L’ayurveda, science de la vitalité

L’ayurveda, véritable philosophie globale de vie, détient cette clé tant recherchée qui nous permettrait d’accéder au principe même de la vitalité et d’atteindre l’harmonie naturelle, originelle. Ce système intégral et cohérent propose donc une démarche visant un équilibre subtil de l’existence, qui séduit petit à petit l’Occident. Parce que nous sommes de plus en plus conscients que santé et bien-être ne s’arrêtent pas au seul corps physique. Et qu’harmonie de l’être et de l’univers ne font qu’un. Ne sont qu’un. « À l’image du macrocosme est le microcosme, à l’image de l’atome est l’univers, à l’image de l’homme est le cosmos », dit la sagesse védique…

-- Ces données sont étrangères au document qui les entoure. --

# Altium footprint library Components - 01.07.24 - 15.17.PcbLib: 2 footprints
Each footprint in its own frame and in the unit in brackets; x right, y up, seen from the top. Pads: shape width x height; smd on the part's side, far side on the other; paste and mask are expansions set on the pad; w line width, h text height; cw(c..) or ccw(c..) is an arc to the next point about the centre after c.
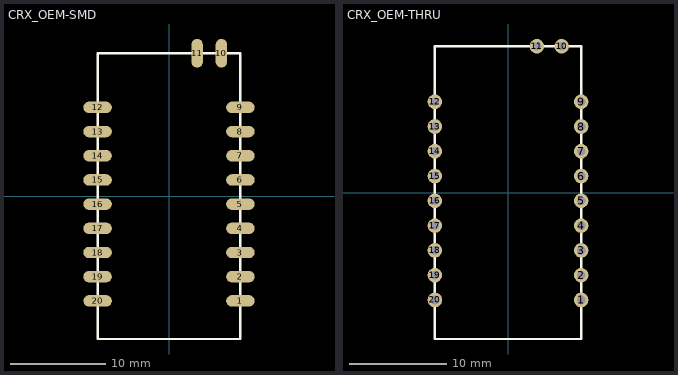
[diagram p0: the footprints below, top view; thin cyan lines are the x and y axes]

## CRX_OEM-SMD [mm] "CRX OEM Version SMD connection"
pads (20):
  oval 3x1.2 smd: 1(7.5,-11) 2(7.5,-8.46) 3(7.5,-5.92) 4(7.5,-3.38) 5(7.5,-0.84) 6(7.5,1.7) 7(7.5,4.24) 8(7.5,6.78) 9(7.5,9.32) 12(-7.5,9.32) 13(-7.5,6.78) 14(-7.5,4.24) 15(-7.5,1.7) 16(-7.5,-0.84) 17(-7.5,-3.38) 18(-7.5,-5.92) 19(-7.5,-8.46) 20(-7.493,-11)
  oval 1.2x3 smd: 10(5.5,15) 11(2.96,15)
Top Overlay:
  lines w0.254: -7.5,-15 -7.5,15 7.5,15 7.5,-15 -7.5,-15
3D body "CRX_v0.2.step": height 1.9, standoff 0.04, extent -7.5,-15 7.5,15

## CRX_OEM-THRU [mm] "CRX OEM Version Thru hole connection"
pads (20):
  round 1.5 hole 0.9: 1(7.5,-11) 2(7.5,-8.46) 3(7.5,-5.92) 4(7.5,-3.38) 5(7.5,-0.84) 6(7.5,1.7) 7(7.5,4.24) 8(7.5,6.78) 9(7.5,9.32) 10(5.5,15) 11(2.96,15) 12(-7.5,9.32) 13(-7.5,6.78) 14(-7.5,4.24) 15(-7.5,1.7) 16(-7.5,-0.84) 17(-7.5,-3.38) 18(-7.5,-5.92) 19(-7.5,-8.46) 20(-7.493,-11)
Top Overlay:
  lines w0.254: -7.5,-15 -7.5,15 7.5,15 7.5,-15 -7.5,-15
3D body "Pin Header 1x2.STEP": height 5.69, standoff -5.29, extent -8.783,2.975 -6.243,8.055
3D body "Pin Header 1x2.STEP": height 5.69, standoff -5.29, extent -8.783,-2.105 -6.243,2.975
3D body "Pin Header 1x2.STEP": height 5.69, standoff -5.29, extent -8.783,-7.185 -6.243,-2.105
3D body "Pin Header 1x2.STEP": height 5.69, standoff -5.29, extent -8.783,-12.265 -6.243,-7.185
3D body "Pin Header 1x2.STEP": height 5.69, standoff -5.29, extent 1.685,13.717 6.765,16.257
3D body "Pin Header 1x2.STEP": height 5.69, standoff -5.29, extent 6.217,2.975 8.757,8.055
3D body "Pin Header 1x2.STEP": height 5.69, standoff -5.29, extent 6.217,-2.105 8.757,2.975
3D body "Pin Header 1x2.STEP": height 5.69, standoff -5.29, extent 6.217,-7.185 8.757,-2.105
3D body "Pin Header 1x2.STEP": height 5.69, standoff -5.29, extent 6.217,-12.265 8.757,-7.185
3D body "CRX_v0.2.step": height 4.95, standoff 3.09, extent -7.5,-15 7.5,15
3D body "Pin Header 1x2.STEP": height 5.69, standoff -5.29, extent 6.217,5.515 8.757,10.595
3D body "Pin Header 1x2.STEP": height 5.69, standoff -5.29, extent -8.783,5.515 -6.243,10.595
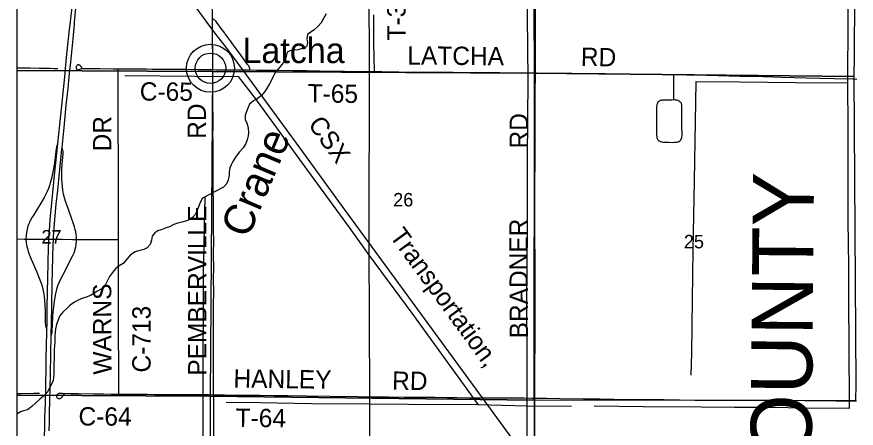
# Model space of a CAD drawing. Extents: x 0 to 34, y 0 to 22.
# Drawn here: x 2.1 to 4.702, y 15.265 to 16.541 of the extents above; entities that cross this region are included whole.
import ezdxf

# ---------------------------------------------------------------- set-up
doc = ezdxf.new("R2010")
doc.units = 0
for name, color, linetype in [('Default', 7, 'Continuous'), ('GM_X_County_Road', 7, 'Continuous'), ('GM_X_County_Road_Text', 7, 'Continuous'), ('GM_X_County_Text', 7, 'Continuous'), ('GM_X_Interchange_Ramps', 7, 'Continuous'), ('GM_X_Interstate_Route', 7, 'Continuous'), ('GM_X_Minor_River', 7, 'Continuous'), ('GM_X_Minor_River_Text', 7, 'Continuous'), ('GM_X_Rail_Line', 7, 'Continuous'), ('GM_X_Rail_Line_Text', 7, 'Continuous'), ('GM_X_Section', 7, 'Continuous'), ('GM_X_Section_Text', 7, 'Continuous'), ('GM_X_Township_Road', 7, 'Continuous'), ('GM_X_Township_Road_Text', 7, 'Continuous'), ('GM_X_Unincorporated', 7, 'Continuous'), ('GM_X_Unincorporated_Location', 7, 'Continuous'), ('GM_X_Unincorporated_Text', 7, 'Continuous')]:
    doc.layers.add(name, color=color, linetype=linetype)

msp = doc.modelspace()

# ---------------------------------------------------------------- linework, layer by layer
at = {"layer": 'Default'}
for points in [[(2.1, 17.3903), (2.1, 16.375), (2.7079, 16.3715), (2.7017, 17.3873)], [(2.1, 16.375), (2.1, 15.3673), (2.7001, 15.3638), (2.7079, 16.3715)], [(2.1, 15.3673), (2.1, 14.3654), (2.6651, 14.3602), (2.7019, 14.3602), (2.7001, 15.3638)]]:
    msp.add_lwpolyline(points, close=True, dxfattribs=at)
at = {"layer": 'GM_X_County_Road'}
for points in [[(2.7069, 16.5346), (2.7069, 16.5391), (2.7066, 16.5708)], [(2.7076, 16.3773), (2.7074, 16.4154), (2.7069, 16.467), (2.7066, 16.4956), (2.7067, 16.5062), (2.7069, 16.5161), (2.7069, 16.5346)], [(2.1, 16.3831), (2.1106, 16.3831), (2.1417, 16.3829), (2.1691, 16.3823), (2.1902, 16.3821), (2.2032, 16.3817), (2.2156, 16.3812), (2.2274, 16.3808)], [(2.3025, 16.3814), (2.3009, 16.3844), (2.2995, 16.3867), (2.2985, 16.3881), (2.297, 16.3898), (2.2956, 16.3908), (2.2941, 16.3915), (2.2925, 16.3919), (2.2908, 16.3919), (2.2892, 16.3915), (2.2877, 16.3908), (2.2864, 16.3898), (2.2853, 16.3886), (2.2844, 16.3871), (2.2838, 16.3855), (2.2836, 16.3839), (2.2837, 16.3823), (2.2841, 16.3813), (2.2845, 16.3805), (2.2853, 16.3796), (2.2864, 16.3787), (2.2878, 16.3779), (2.2894, 16.3774), (2.2909, 16.3773), (2.2927, 16.3774), (2.2949, 16.3779), (2.2966, 16.3787), (2.2981, 16.3795), (2.3002, 16.3806), (2.3021, 16.381), (2.3041, 16.3811), (2.308, 16.3812), (2.3128, 16.3812), (2.3235, 16.3812), (2.3446, 16.3808), (2.3583, 16.3805), (2.3993, 16.3802), (2.4145, 16.3801)], [(2.4154, 15.85), (2.4152, 15.9045), (2.415, 15.9897), (2.415, 16.0438), (2.4149, 16.1078), (2.4147, 16.185), (2.4146, 16.2465), (2.4144, 16.3317), (2.4145, 16.3697), (2.4145, 16.3801)], [(2.4145, 16.3801), (2.4316, 16.3799), (2.4538, 16.3797)], [(2.4538, 16.3797), (2.4739, 16.3796), (2.5006, 16.3794), (2.5211, 16.3793), (2.5659, 16.379), (2.5883, 16.3789), (2.6243, 16.3784), (2.6622, 16.3779), (2.6872, 16.3777), (2.7076, 16.3773)], [(2.7102, 15.3684), (2.7098, 15.3851), (2.7102, 15.4354), (2.7101, 15.4993), (2.7101, 15.5404), (2.71, 15.5833), (2.7103, 15.6475), (2.7106, 15.6878), (2.7102, 15.7257), (2.7104, 15.7667), (2.7103, 15.7985), (2.7105, 15.8544), (2.7103, 15.8675), (2.7102, 15.8868), (2.7103, 15.8986), (2.7099, 15.9272), (2.7096, 15.9693), (2.7093, 16.0015), (2.7089, 16.0178), (2.7085, 16.0544), (2.7089, 16.103), (2.7085, 16.1508), (2.7083, 16.1756), (2.7084, 16.198), (2.7085, 16.2323), (2.7082, 16.2596), (2.7079, 16.2926), (2.7078, 16.3087), (2.7076, 16.3199), (2.7076, 16.3553), (2.7076, 16.3773)], [(2.1, 15.8518), (2.1227, 15.8516), (2.1276, 15.8516)], [(2.1276, 15.8516), (2.1495, 15.8516), (2.1843, 15.8511), (2.1996, 15.8511), (2.2138, 15.851), (2.2402, 15.8509), (2.2731, 15.8507), (2.2855, 15.8507)], [(2.2855, 15.8507), (2.3005, 15.8506), (2.3408, 15.8503), (2.4154, 15.85)], [(2.416, 15.3705), (2.4161, 15.3796), (2.4161, 15.392), (2.4159, 15.4586), (2.4157, 15.555), (2.4157, 15.5935), (2.4156, 15.6906), (2.4157, 15.7328), (2.4154, 15.7614), (2.4156, 15.7813), (2.4155, 15.8242), (2.4154, 15.85)], [(2.1, 15.3724), (2.1134, 15.3724), (2.1519, 15.3732), (2.1657, 15.3734), (2.1706, 15.3735)], [(2.2478, 15.3723), (2.2473, 15.3716), (2.2432, 15.3657), (2.2418, 15.3638), (2.2399, 15.3611), (2.2378, 15.3585), (2.2366, 15.3573), (2.2353, 15.3564), (2.2337, 15.3558), (2.2321, 15.3555), (2.2305, 15.3557), (2.2289, 15.3562), (2.2275, 15.357), (2.2262, 15.3582), (2.2252, 15.3595), (2.2245, 15.3611), (2.2241, 15.3627), (2.224, 15.3644), (2.2242, 15.3661), (2.2248, 15.3677), (2.2256, 15.3691), (2.2266, 15.3704), (2.2279, 15.3714), (2.2294, 15.3722), (2.2316, 15.3729), (2.2346, 15.3732), (2.242, 15.3731), (2.2668, 15.3722), (2.2818, 15.3719), (2.2911, 15.3719), (2.3377, 15.3714), (2.3551, 15.3713), (2.37, 15.371), (2.3918, 15.3706), (2.416, 15.3705)], [(2.416, 15.3705), (2.4229, 15.3705), (2.4847, 15.3701)], [(2.4847, 15.3701), (2.5056, 15.37), (2.5274, 15.3696), (2.5821, 15.3695), (2.6461, 15.3691), (2.6716, 15.369), (2.6942, 15.3688), (2.708, 15.3684), (2.7102, 15.3684)], [(2.7076, 14.7538), (2.7078, 14.762), (2.7081, 14.8136), (2.7085, 14.8357), (2.7085, 14.8418), (2.7086, 14.8505), (2.7087, 14.8596), (2.7087, 14.865), (2.7088, 14.8824), (2.7089, 14.9074), (2.7092, 14.9316), (2.7091, 14.954), (2.7095, 14.9764), (2.7111, 15.064), (2.7116, 15.0914), (2.7115, 15.1045), (2.7116, 15.1337), (2.7116, 15.1902), (2.7112, 15.2413), (2.7105, 15.319), (2.7106, 15.3539), (2.7102, 15.3684)]]:
    msp.add_lwpolyline(points, dxfattribs=at)
at = {"layer": 'GM_X_Interchange_Ramps'}
for points in [[(2.227, 16.1478), (2.2252, 16.1439), (2.224, 16.1404), (2.2229, 16.1371), (2.222, 16.1329), (2.218, 16.0964), (2.2161, 16.0823), (2.214, 16.0701), (2.2109, 16.0548), (2.2072, 16.0391), (2.2039, 16.0265), (2.2015, 16.0182), (2.1982, 16.0088), (2.1945, 15.9996), (2.1904, 15.9905), (2.185, 15.9801), (2.1777, 15.9678), (2.1597, 15.9388), (2.1525, 15.9271), (2.1476, 15.9191), (2.1425, 15.9104), (2.1407, 15.9068)], [(2.2855, 15.8507), (2.2848, 15.8583), (2.2841, 15.8664), (2.283, 15.8738), (2.2813, 15.8817), (2.2792, 15.8894), (2.276, 15.8989), (2.2609, 15.9397), (2.2547, 15.9573), (2.251, 15.9691), (2.248, 15.9799), (2.2453, 15.9914), (2.2431, 16.0037), (2.2416, 16.0147), (2.2405, 16.0259), (2.2398, 16.0383), (2.2396, 16.0513), (2.24, 16.0663), (2.241, 16.0843), (2.2435, 16.1165), (2.2436, 16.1196), (2.2434, 16.1233), (2.2428, 16.1271), (2.2417, 16.1316), (2.2403, 16.136)], [(2.1407, 15.9068), (2.139, 15.9033), (2.1363, 15.8966), (2.1337, 15.8888), (2.1317, 15.881), (2.1299, 15.8718), (2.1286, 15.8631), (2.1276, 15.8516)], [(2.1276, 15.8516), (2.129, 15.8402), (2.1298, 15.834), (2.1309, 15.8285), (2.1327, 15.8219), (2.1356, 15.8131), (2.1386, 15.8049), (2.1418, 15.7968), (2.1522, 15.7729), (2.1619, 15.7493), (2.1719, 15.7246), (2.1753, 15.7152), (2.1782, 15.7057), (2.1807, 15.6961), (2.1828, 15.6858), (2.1848, 15.6735), (2.1863, 15.6605), (2.1871, 15.6463), (2.1876, 15.6276), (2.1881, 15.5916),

Reconnu par l’OMS, représenté au ministère indien de la Santé, l’ayurveda trouve naturellement sa place dans une approche intégrative de la maladie, de plus en plus recherchée de nos jours. Ses techniques thérapeutiques, portées et actualisées par des spécialistes de renom (dont le célèbre Dr Deepak Chopra), font d’ailleurs une (timide) percée dans le milieu hospitalier en Europe, notamment en Allemagne et en Grande-Bretagne.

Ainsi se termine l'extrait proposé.